Your transcription must include every record word for word and no pictures.

** GIVEN RECORDS follows **

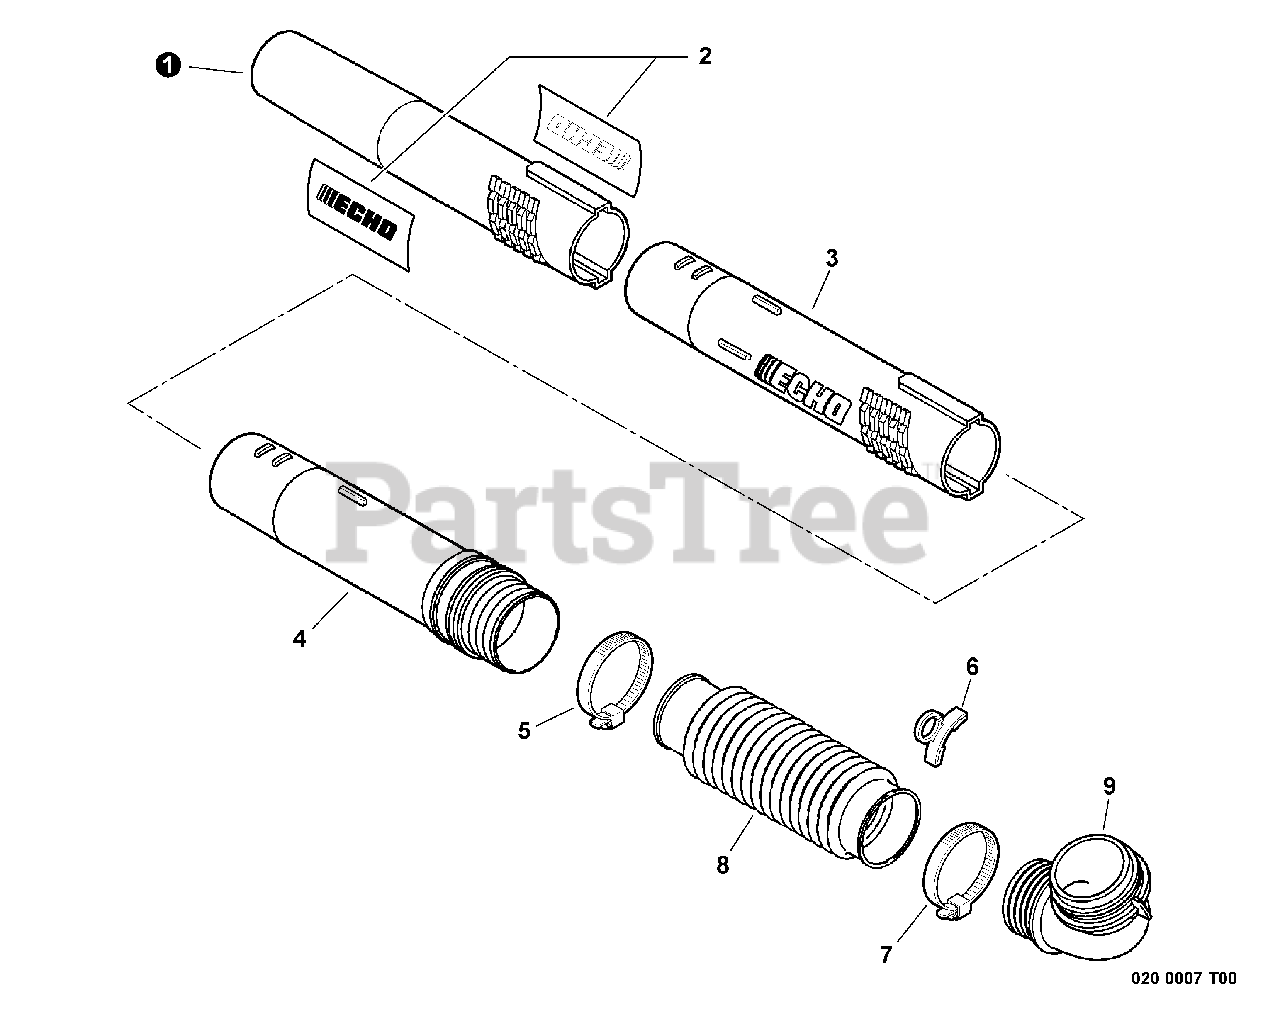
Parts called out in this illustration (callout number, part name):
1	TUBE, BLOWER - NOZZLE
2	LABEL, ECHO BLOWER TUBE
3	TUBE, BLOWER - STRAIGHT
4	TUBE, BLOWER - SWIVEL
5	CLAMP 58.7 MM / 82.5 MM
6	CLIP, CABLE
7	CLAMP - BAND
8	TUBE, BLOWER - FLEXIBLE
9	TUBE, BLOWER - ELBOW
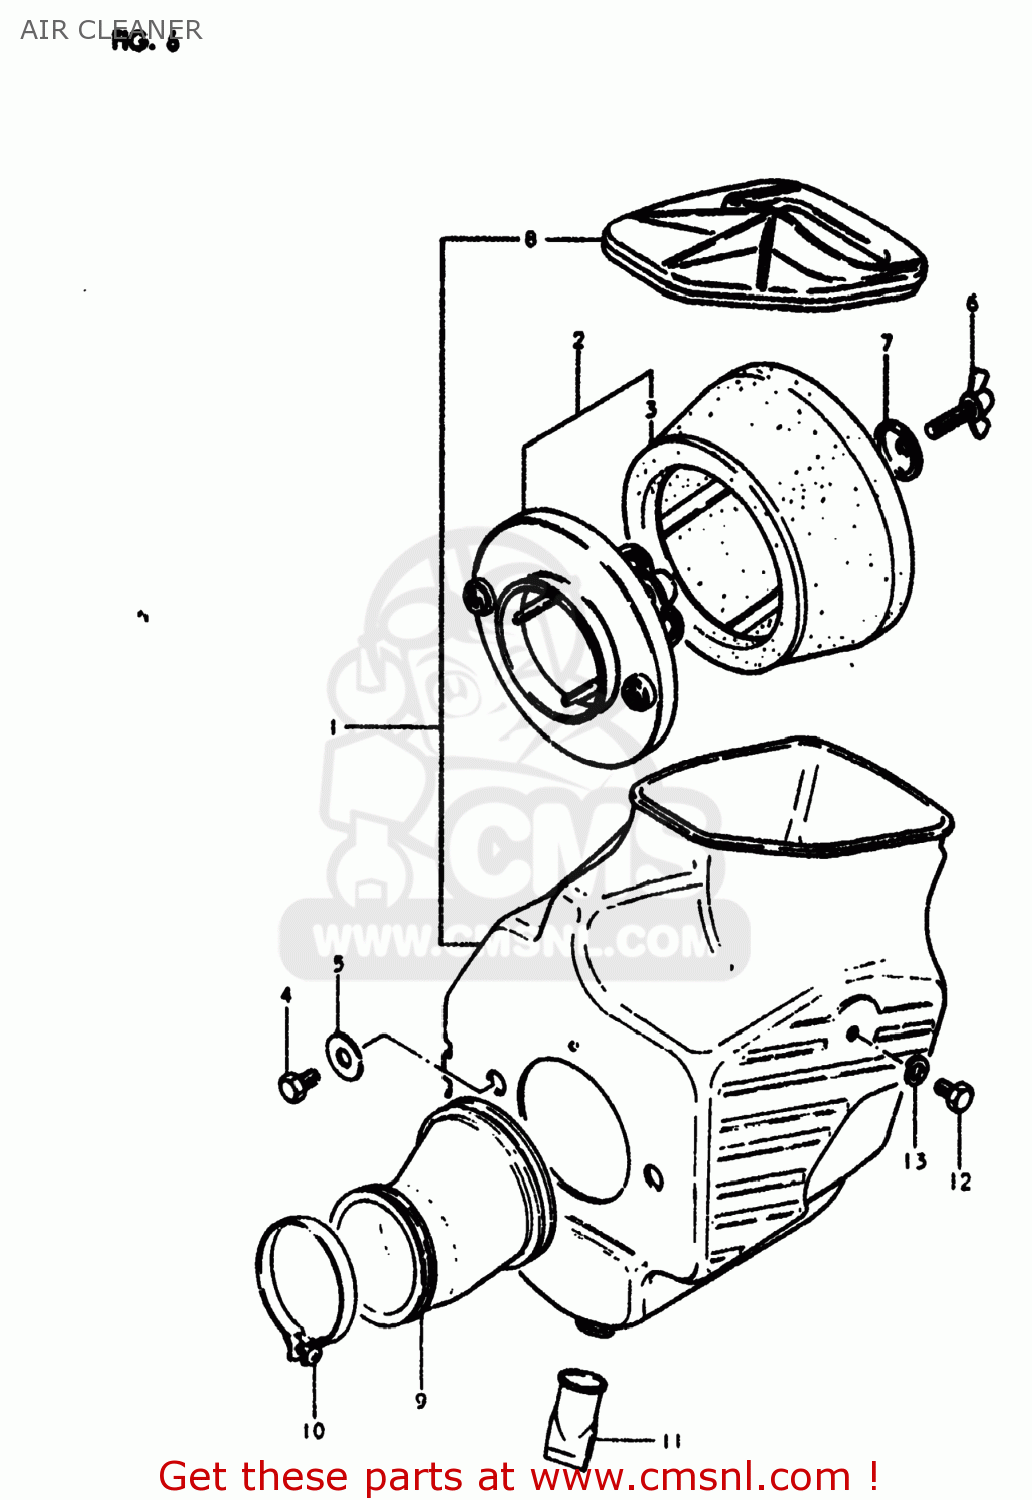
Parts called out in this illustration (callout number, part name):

** End of GIVEN RECORDS **

• WRITTEN ANSWER:
Parts called out in this illustration (callout number, part name):
1	TUBE, BLOWER - NOZZLE
2	LABEL, ECHO BLOWER TUBE
3	TUBE, BLOWER - STRAIGHT
4	TUBE, BLOWER - SWIVEL
5	CLAMP 58.7 MM / 82.5 MM
6	CLIP, CABLE
7	CLAMP - BAND
8	TUBE, BLOWER - FLEXIBLE
9	TUBE, BLOWER - ELBOW
Parts called out in this illustration (callout number, part name):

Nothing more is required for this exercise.